Overview of Q-Learning

Q-Learning is a model-free reinforcement learning algorithm where we learn an action-value function $Q(s,a)$ that gives the expected utility of taking action $a$ in state $s$. The Q-value is updated iteratively using the following rule:

$$Q(s,a) \leftarrow Q(s,a) + \alpha \left[ r + \gamma \max_{a'} Q(s',a') - Q(s,a) \right]$$

where:

$s$ is the current state
$a$ is the action taken
$r$ is the reward received
$s'$ is the next state
$\alpha$ is the learning rate
$\gamma$ is the discount factor
$Q(s,a)$ is the Q-value for the current state-action pair
$\max_{a'} Q(s',a')$ is the maximum Q-value for the next state

Installation Requirements

Python (for single_agent.py and multi_agent.py)

Python 3.x
numpy
matplotlib
tqdm
argparse

C++ (for single_agent.cpp and multi_agent.cpp)

C++11 or later compiler
ImageMagick (Magick++) if you want to generate GIFs of the policy in action

CUDA (for single_agent.cu and multi_agent.cu)
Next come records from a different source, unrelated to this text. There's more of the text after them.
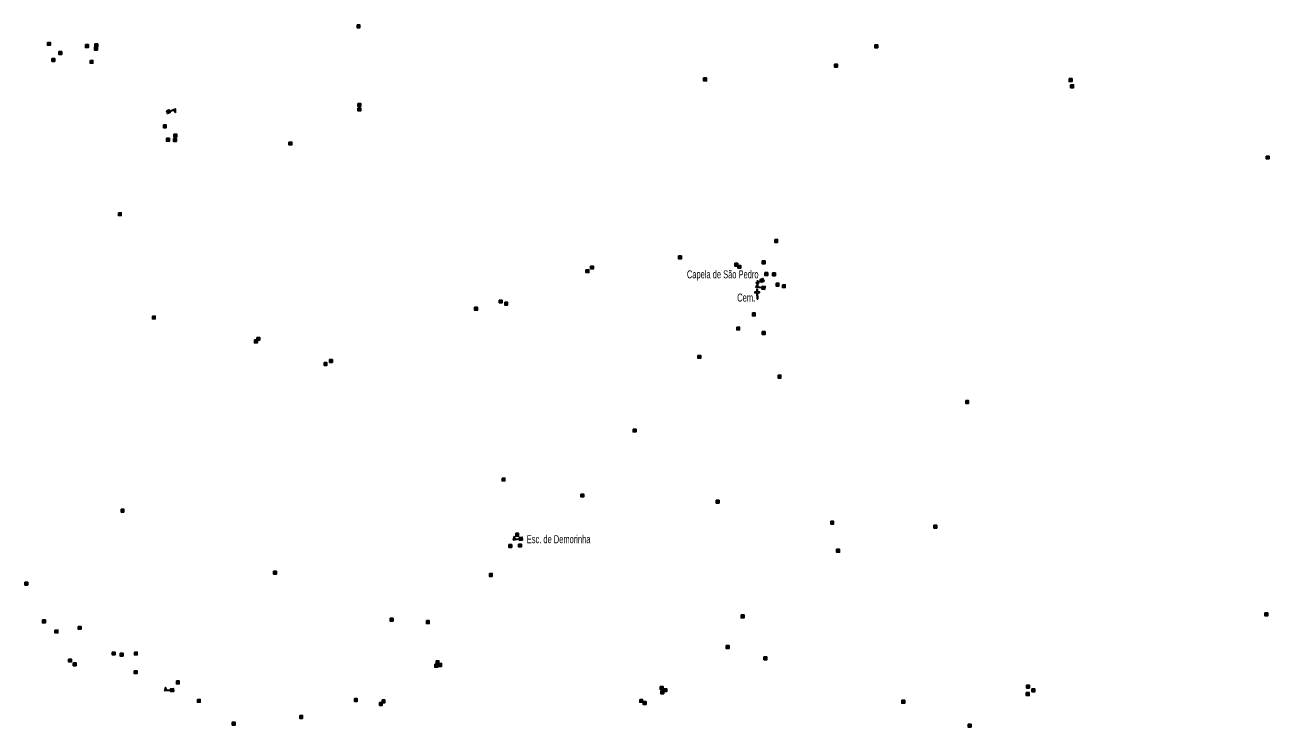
# Model space of a CAD drawing. Extents: x 647.8 to 672.9, y 6929.3 to 6957.3.
# Drawn here: x 660.12 to 672.56, y 6936.24 to 6943.26 of the extents above; entities that cross this region are included whole.
import ezdxf
from ezdxf.enums import TextEntityAlignment as Align

# ---------------------------------------------------------------- set-up
doc = ezdxf.new("R2010")
doc.units = 0
doc.header["$LTSCALE"] = 0.032
for name, color, linetype, lineweight in [('2', 7, 'Continuous', 25), ('20', 7, 'Continuous', 25), ('4', 7, 'Continuous', 25), ('6', 7, 'Continuous', 25)]:
    doc.layers.add(name, color=color, linetype=linetype, lineweight=lineweight)
doc.layers.add('61', color=7, linetype='Continuous')

msp = doc.modelspace()

# ---------------------------------------------------------------- hatches: boundary and pattern name
at = {"layer": '2'}
for points in [[(663.4398, 6943.2575), (663.4688, 6943.2575), (663.4688, 6943.2285), (663.4398, 6943.2285)], [(660.3465, 6943.082), (660.3755, 6943.082), (660.3755, 6943.053), (660.3465, 6943.053)], [(660.4606, 6942.9899), (660.4896, 6942.9899), (660.4896, 6942.9609), (660.4606, 6942.9609)], [(660.726, 6943.0601), (660.755, 6943.0601), (660.755, 6943.0311), (660.726, 6943.0311)], [(660.816, 6943.0337), (660.845, 6943.0337), (660.845, 6943.0047), (660.816, 6943.0047)], [(660.8204, 6943.0666), (660.8494, 6943.0666), (660.8494, 6943.0376), (660.8204, 6943.0376)], [(668.6151, 6943.0579), (668.6441, 6943.0579), (668.6441, 6943.0289), (668.6151, 6943.0289)], [(660.3904, 6942.9219), (660.4194, 6942.9219), (660.4194, 6942.8929), (660.3904, 6942.8929)], [(660.7721, 6942.9021), (660.8011, 6942.9021), (660.8011, 6942.8731), (660.7721, 6942.8731)], [(668.2114, 6942.8648), (668.2404, 6942.8648), (668.2404, 6942.8358), (668.2114, 6942.8358)], [(666.9039, 6942.7266), (666.9329, 6942.7266), (666.9329, 6942.6976), (666.9039, 6942.6976)], [(670.5567, 6942.72), (670.5857, 6942.72), (670.5857, 6942.691), (670.5567, 6942.691)], [(670.572, 6942.6586), (670.601, 6942.6586), (670.601, 6942.6296), (670.572, 6942.6296)], [(663.4486, 6942.4721), (663.4776, 6942.4721), (663.4776, 6942.4431), (663.4486, 6942.4431)], [(663.4486, 6942.426), (663.4776, 6942.426), (663.4776, 6942.397), (663.4486, 6942.397)], [(661.5047, 6942.2581), (661.5337, 6942.2581), (661.5337, 6942.2291), (661.5047, 6942.2291)], [(661.5356, 6942.1233), (661.5646, 6942.1233), (661.5646, 6942.0943), (661.5356, 6942.0943)], [(661.6058, 6942.1211), (661.6348, 6942.1211), (661.6348, 6942.0921), (661.6058, 6942.0921)], [(661.6101, 6942.165), (661.6391, 6942.165), (661.6391, 6942.136), (661.6101, 6942.136)], [(662.7597, 6942.086), (662.7887, 6942.086), (662.7887, 6942.057), (662.7597, 6942.057)], [(672.5267, 6941.9456), (672.5557, 6941.9456), (672.5557, 6941.9166), (672.5267, 6941.9166)], [(661.0551, 6941.3796), (661.0841, 6941.3796), (661.0841, 6941.3506), (661.0551, 6941.3506)], [(667.6147, 6941.1119), (667.6437, 6941.1119), (667.6437, 6941.0829), (667.6147, 6941.0829)], [(665.7741, 6940.8465), (665.8031, 6940.8465), (665.8031, 6940.8175), (665.7741, 6940.8175)], [(666.6538, 6940.9474), (666.6828, 6940.9474), (666.6828, 6940.9184), (666.6538, 6940.9184)], [(667.2154, 6940.875), (667.2444, 6940.875), (667.2444, 6940.846), (667.2154, 6940.846)], [(667.2461, 6940.8531), (667.2751, 6940.8531), (667.2751, 6940.8241), (667.2461, 6940.8241)], [(667.4897, 6940.8969), (667.5187, 6940.8969), (667.5187, 6940.8679), (667.4897, 6940.8679)], [(665.728, 6940.8092), (665.757, 6940.8092), (665.757, 6940.7802), (665.728, 6940.7802)], [(667.516, 6940.7807), (667.545, 6940.7807), (667.545, 6940.7517), (667.516, 6940.7517)], [(667.5928, 6940.7785), (667.6218, 6940.7785), (667.6218, 6940.7495), (667.5928, 6940.7495)], [(667.6279, 6940.6754), (667.6569, 6940.6754), (667.6569, 6940.6464), (667.6279, 6940.6464)], [(667.6915, 6940.66), (667.7205, 6940.66), (667.7205, 6940.631), (667.6915, 6940.631)], [(664.8614, 6940.5064), (664.8904, 6940.5064), (664.8904, 6940.4774), (664.8614, 6940.4774)], [(664.9163, 6940.4845), (664.9453, 6940.4845), (664.9453, 6940.4555), (664.9163, 6940.4555)], [(661.3951, 6940.3463), (661.4241, 6940.3463), (661.4241, 6940.3173), (661.3951, 6940.3173)], [(664.6157, 6940.434), (664.6447, 6940.434), (664.6447, 6940.405), (664.6157, 6940.405)], [(667.3909, 6940.377), (667.4199, 6940.377), (667.4199, 6940.348), (667.3909, 6940.348)], [(667.2352, 6940.2366), (667.2642, 6940.2366), (667.2642, 6940.2076), (667.2352, 6940.2076)], [(662.4153, 6940.1071), (662.4443, 6940.1071), (662.4443, 6940.0781), (662.4153, 6940.0781)], [(662.4394, 6940.1335), (662.4684, 6940.1335), (662.4684, 6940.1045), (662.4394, 6940.1045)], [(667.4897, 6940.1905), (667.5187, 6940.1905), (667.5187, 6940.1615), (667.4897, 6940.1615)], [(663.1107, 6939.8812), (663.1397, 6939.8812), (663.1397, 6939.8522), (663.1107, 6939.8522)], [(663.1656, 6939.9119), (663.1946, 6939.9119), (663.1946, 6939.8829), (663.1656, 6939.8829)], [(666.8469, 6939.9536), (666.8759, 6939.9536), (666.8759, 6939.9246), (666.8469, 6939.9246)], [(667.6476, 6939.7561), (667.6766, 6939.7561), (667.6766, 6939.7271), (667.6476, 6939.7271)], [(669.5233, 6939.5016), (669.5523, 6939.5016), (669.5523, 6939.4726), (669.5233, 6939.4726)], [(666.1997, 6939.2164), (666.2287, 6939.2164), (666.2287, 6939.1874), (666.1997, 6939.1874)], [(664.8899, 6938.7272), (664.9189, 6938.7272), (664.9189, 6938.6982), (664.8899, 6938.6982)], [(665.6775, 6938.5671), (665.7065, 6938.5671), (665.7065, 6938.5381), (665.6775, 6938.5381)], [(667.0289, 6938.5056), (667.0579, 6938.5056), (667.0579, 6938.4766), (667.0289, 6938.4766)], [(661.0814, 6938.4157), (661.1104, 6938.4157), (661.1104, 6938.3867), (661.0814, 6938.3867)], [(668.1741, 6938.295), (668.2031, 6938.295), (668.2031, 6938.266), (668.1741, 6938.266)], [(669.2052, 6938.2555), (669.2342, 6938.2555), (669.2342, 6938.2265), (669.2052, 6938.2265)], [(665.026, 6938.1744), (665.055, 6938.1744), (665.055, 6938.1454), (665.026, 6938.1454)], [(664.958, 6938.0625), (664.987, 6938.0625), (664.987, 6938.0335), (664.958, 6938.0335)], [(665.0545, 6938.0669), (665.0835, 6938.0669), (665.0835, 6938.0379), (665.0545, 6938.0379)], [(668.2334, 6938.0142), (668.2624, 6938.0142), (668.2624, 6937.9852), (668.2334, 6937.9852)], [(662.6062, 6937.7948), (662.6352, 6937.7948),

NVIDIA GPU with CUDA toolkit installed
A C++ compiler that supports CUDA (e.g. nvcc)
ImageMagick (Magick++) if you want to generate GIFs of the policy in action

Usage and Arguments

Below are the command-line arguments for each script. Defaults match the original code.

Single-Agent Python (`single_agent.py`)

Argument	Type	Default	Description
`--size`	int	32	Grid size (square)
`--n_mines`	int	40	Number of mines in the environment.
`--flag_x`	int	31	X-coordinate of the goal position.
`--flag_y`	int	31	Y-coordinate of the goal position.
`--episodes`	int	20000	Number of episodes to train the agent.
`--alpha`	float	0.1	Learning rate.
`--gamma`	float	0.9	Discount factor.
`--epsilon`	float	0.1	Exploration rate.
`--gif_path`	str	`""`	Path to save the GIF of the policy in action. If not provided, the GIF is not saved.
`--max_steps`	int	100	Maximum number of steps for visualization (GIF).

Run Example:

python single_agent.py --size 32 --n_mines 40 --episodes 20000 --gif_path single_agent_policy.gif

Single-Agent C++ (`single_agent.cpp`)

Argument	Type	Default	Description
`--size`	int	32	Grid size (square)
`--n_mines`	int	40	Number of mines in the environment.
`--flag_x`	int	31	X-coordinate of the goal position.
`--flag_y`	int	31	Y-coordinate of the goal position.
`--episodes`	int	20000	Number of episodes to train the agent.
`--alpha`	float	0.1	Learning rate.
`--gamma`	float	0.9	Discount factor.
`--epsilon`	float	0.1	Exploration rate.
`--max_steps`	int	200	Maximum number of steps for visualization (GIF).
`--cell_size`	int	20	Size of each cell (in pixels) in the visualization.
`--gif_path`	str	`""`	Path to save the GIF of the policy in action. If not provided, the GIF is not saved.

Compilation (example):

Note: You may need to use the -I flag to specify the path to the ImageMagick headers.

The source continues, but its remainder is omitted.